Using the data below, return the stretch from the line that contains "Topology: 1 solids, 1" through the line that contains "Full cylindrical faces", both included, exactly as it stands and nothing beyond it.
□ □ □ □
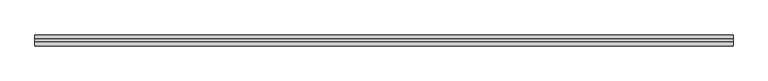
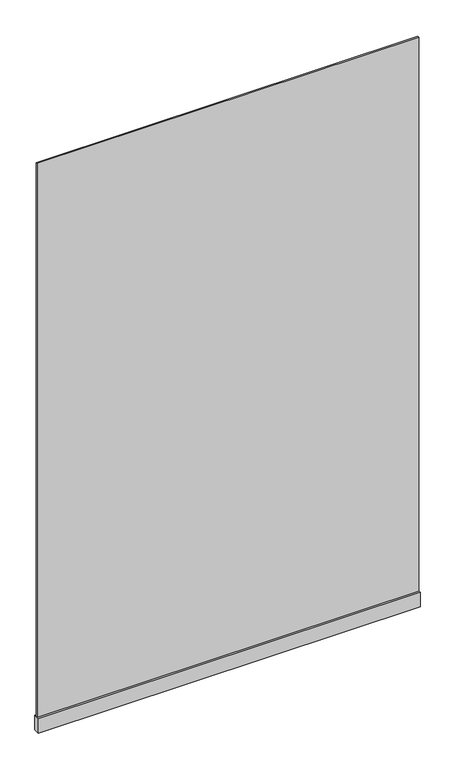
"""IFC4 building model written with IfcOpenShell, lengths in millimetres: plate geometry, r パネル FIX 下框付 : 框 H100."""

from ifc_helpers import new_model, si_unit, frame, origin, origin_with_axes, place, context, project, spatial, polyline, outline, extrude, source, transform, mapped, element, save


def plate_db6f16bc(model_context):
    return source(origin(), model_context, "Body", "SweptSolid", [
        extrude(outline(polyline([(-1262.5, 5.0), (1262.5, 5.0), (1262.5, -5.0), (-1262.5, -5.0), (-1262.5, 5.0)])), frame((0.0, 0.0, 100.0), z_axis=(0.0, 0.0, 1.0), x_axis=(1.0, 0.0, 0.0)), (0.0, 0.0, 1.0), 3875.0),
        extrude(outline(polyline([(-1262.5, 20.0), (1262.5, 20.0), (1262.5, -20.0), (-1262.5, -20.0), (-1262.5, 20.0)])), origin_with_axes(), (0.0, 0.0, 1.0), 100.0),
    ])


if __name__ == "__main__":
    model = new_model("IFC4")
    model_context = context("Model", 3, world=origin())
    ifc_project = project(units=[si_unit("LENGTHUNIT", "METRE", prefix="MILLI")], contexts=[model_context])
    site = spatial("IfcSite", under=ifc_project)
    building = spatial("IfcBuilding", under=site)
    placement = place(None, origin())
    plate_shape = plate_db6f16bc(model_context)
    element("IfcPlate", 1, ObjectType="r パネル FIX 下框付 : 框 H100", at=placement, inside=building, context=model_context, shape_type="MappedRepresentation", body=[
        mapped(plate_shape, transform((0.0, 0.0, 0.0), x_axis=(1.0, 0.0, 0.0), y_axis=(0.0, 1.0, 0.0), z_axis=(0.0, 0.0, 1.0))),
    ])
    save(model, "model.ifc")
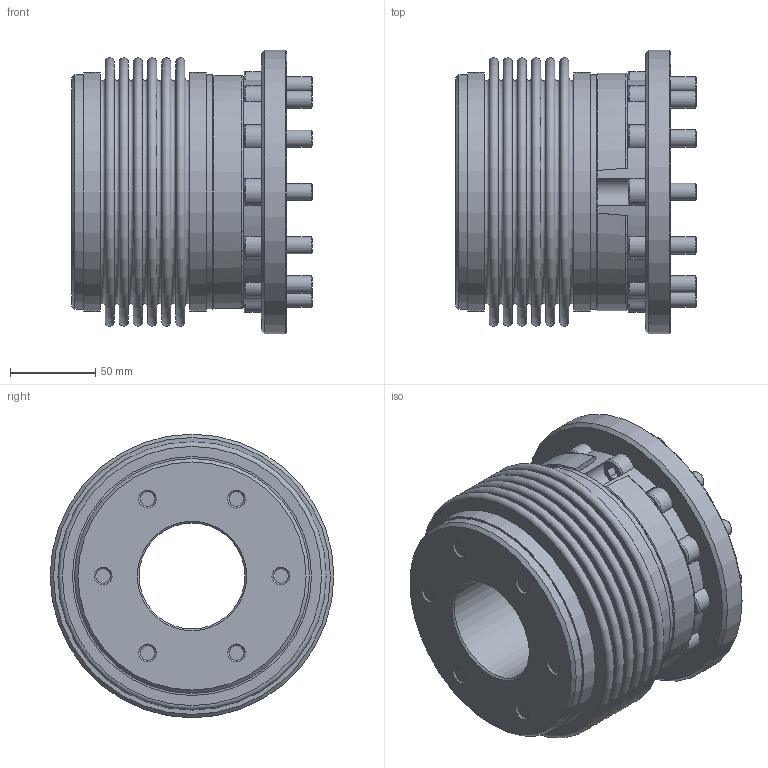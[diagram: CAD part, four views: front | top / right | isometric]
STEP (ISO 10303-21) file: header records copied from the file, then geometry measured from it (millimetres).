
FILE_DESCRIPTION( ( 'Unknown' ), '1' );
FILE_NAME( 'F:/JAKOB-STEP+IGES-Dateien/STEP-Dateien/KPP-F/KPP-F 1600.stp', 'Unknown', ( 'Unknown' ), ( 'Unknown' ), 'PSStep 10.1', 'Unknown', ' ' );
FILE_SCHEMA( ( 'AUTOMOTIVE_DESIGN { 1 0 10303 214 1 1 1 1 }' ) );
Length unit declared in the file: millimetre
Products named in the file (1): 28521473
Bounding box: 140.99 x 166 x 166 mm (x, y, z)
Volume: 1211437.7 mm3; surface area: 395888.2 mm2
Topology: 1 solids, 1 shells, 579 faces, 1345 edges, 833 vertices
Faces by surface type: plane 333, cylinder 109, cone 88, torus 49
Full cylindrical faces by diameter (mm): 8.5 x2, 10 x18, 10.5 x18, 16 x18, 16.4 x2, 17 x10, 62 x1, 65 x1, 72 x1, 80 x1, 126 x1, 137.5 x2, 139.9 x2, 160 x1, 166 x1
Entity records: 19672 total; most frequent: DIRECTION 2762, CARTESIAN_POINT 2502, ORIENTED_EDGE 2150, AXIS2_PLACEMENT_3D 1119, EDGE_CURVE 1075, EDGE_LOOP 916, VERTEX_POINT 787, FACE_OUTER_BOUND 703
□ □ □ □
== WRITTEN SOLUTION ==
Topology: 1 solids, 1 shells, 579 faces, 1345 edges, 833 vertices
Faces by surface type: plane 333, cylinder 109, cone 88, torus 49
Full cylindrical faces by diameter (mm): 8.5 x2, 10 x18, 10.5 x18, 16 x18, 16.4 x2, 17 x10, 62 x1, 65 x1, 72 x1, 80 x1, 126 x1, 137.5 x2, 139.9 x2, 160 x1, 166 x1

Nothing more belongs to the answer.